● WHAT YOU NEED TO DO:
Please copy all of the records exactly, leaving nothing out.

**** DATA SUPPLIED

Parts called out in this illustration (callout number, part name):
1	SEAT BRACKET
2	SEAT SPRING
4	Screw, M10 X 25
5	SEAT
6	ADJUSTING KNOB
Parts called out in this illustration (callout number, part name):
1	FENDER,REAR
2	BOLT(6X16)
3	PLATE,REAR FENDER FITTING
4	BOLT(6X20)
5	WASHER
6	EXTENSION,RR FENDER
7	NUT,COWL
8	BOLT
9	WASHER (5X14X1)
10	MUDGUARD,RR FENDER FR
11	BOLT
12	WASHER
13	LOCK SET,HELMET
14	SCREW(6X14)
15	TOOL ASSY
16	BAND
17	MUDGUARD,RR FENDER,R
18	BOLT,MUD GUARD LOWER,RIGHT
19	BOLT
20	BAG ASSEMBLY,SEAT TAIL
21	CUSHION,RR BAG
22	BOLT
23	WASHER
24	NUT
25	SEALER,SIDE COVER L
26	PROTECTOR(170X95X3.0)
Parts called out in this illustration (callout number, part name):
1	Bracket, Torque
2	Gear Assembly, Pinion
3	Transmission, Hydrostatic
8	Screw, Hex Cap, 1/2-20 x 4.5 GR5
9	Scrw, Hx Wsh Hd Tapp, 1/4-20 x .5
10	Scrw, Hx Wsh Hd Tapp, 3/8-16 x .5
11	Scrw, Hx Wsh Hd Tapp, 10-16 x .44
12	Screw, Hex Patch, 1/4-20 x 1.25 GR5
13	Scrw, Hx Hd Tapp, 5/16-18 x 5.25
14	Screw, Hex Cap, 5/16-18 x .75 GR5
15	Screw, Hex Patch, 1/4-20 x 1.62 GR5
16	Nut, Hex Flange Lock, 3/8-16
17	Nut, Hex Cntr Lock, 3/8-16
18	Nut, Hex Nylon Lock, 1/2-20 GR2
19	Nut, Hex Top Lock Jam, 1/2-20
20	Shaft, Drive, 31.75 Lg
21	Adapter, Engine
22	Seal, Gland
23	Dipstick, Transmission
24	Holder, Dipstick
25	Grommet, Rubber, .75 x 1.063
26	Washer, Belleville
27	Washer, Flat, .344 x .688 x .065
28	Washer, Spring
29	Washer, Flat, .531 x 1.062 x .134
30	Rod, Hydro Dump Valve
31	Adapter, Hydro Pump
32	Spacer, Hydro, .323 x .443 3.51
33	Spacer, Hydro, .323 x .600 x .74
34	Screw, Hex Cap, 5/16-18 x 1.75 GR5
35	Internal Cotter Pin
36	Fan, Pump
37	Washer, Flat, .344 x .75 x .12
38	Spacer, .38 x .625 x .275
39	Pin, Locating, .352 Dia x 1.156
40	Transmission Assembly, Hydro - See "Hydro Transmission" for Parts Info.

********

● WRITTEN ANSWER:
Parts called out in this illustration (callout number, part name):
1	SEAT BRACKET
2	SEAT SPRING
4	Screw, M10 X 25
5	SEAT
6	ADJUSTING KNOB
Parts called out in this illustration (callout number, part name):
1	FENDER,REAR
2	BOLT(6X16)
3	PLATE,REAR FENDER FITTING
4	BOLT(6X20)
5	WASHER
6	EXTENSION,RR FENDER
7	NUT,COWL
8	BOLT
9	WASHER (5X14X1)
10	MUDGUARD,RR FENDER FR
11	BOLT
12	WASHER
13	LOCK SET,HELMET
14	SCREW(6X14)
15	TOOL ASSY
16	BAND
17	MUDGUARD,RR FENDER,R
18	BOLT,MUD GUARD LOWER,RIGHT
19	BOLT
20	BAG ASSEMBLY,SEAT TAIL
21	CUSHION,RR BAG
22	BOLT
23	WASHER
24	NUT
25	SEALER,SIDE COVER L
26	PROTECTOR(170X95X3.0)
Parts called out in this illustration (callout number, part name):
1	Bracket, Torque
2	Gear Assembly, Pinion
3	Transmission, Hydrostatic
8	Screw, Hex Cap, 1/2-20 x 4.5 GR5
9	Scrw, Hx Wsh Hd Tapp, 1/4-20 x .5
10	Scrw, Hx Wsh Hd Tapp, 3/8-16 x .5
11	Scrw, Hx Wsh Hd Tapp, 10-16 x .44
12	Screw, Hex Patch, 1/4-20 x 1.25 GR5
13	Scrw, Hx Hd Tapp, 5/16-18 x 5.25
14	Screw, Hex Cap, 5/16-18 x .75 GR5
15	Screw, Hex Patch, 1/4-20 x 1.62 GR5
16	Nut, Hex Flange Lock, 3/8-16
17	Nut, Hex Cntr Lock, 3/8-16
18	Nut, Hex Nylon Lock, 1/2-20 GR2
19	Nut, Hex Top Lock Jam, 1/2-20
20	Shaft, Drive, 31.75 Lg
21	Adapter, Engine
22	Seal, Gland
23	Dipstick, Transmission
24	Holder, Dipstick
25	Grommet, Rubber, .75 x 1.063
26	Washer, Belleville
27	Washer, Flat, .344 x .688 x .065
28	Washer, Spring
29	Washer, Flat, .531 x 1.062 x .134
30	Rod, Hydro Dump Valve
31	Adapter, Hydro Pump
32	Spacer, Hydro, .323 x .443 3.51
33	Spacer, Hydro, .323 x .600 x .74
34	Screw, Hex Cap, 5/16-18 x 1.75 GR5
35	Internal Cotter Pin
36	Fan, Pump
37	Washer, Flat, .344 x .75 x .12
38	Spacer, .38 x .625 x .275
39	Pin, Locating, .352 Dia x 1.156
40	Transmission Assembly, Hydro - See "Hydro Transmission" for Parts Info.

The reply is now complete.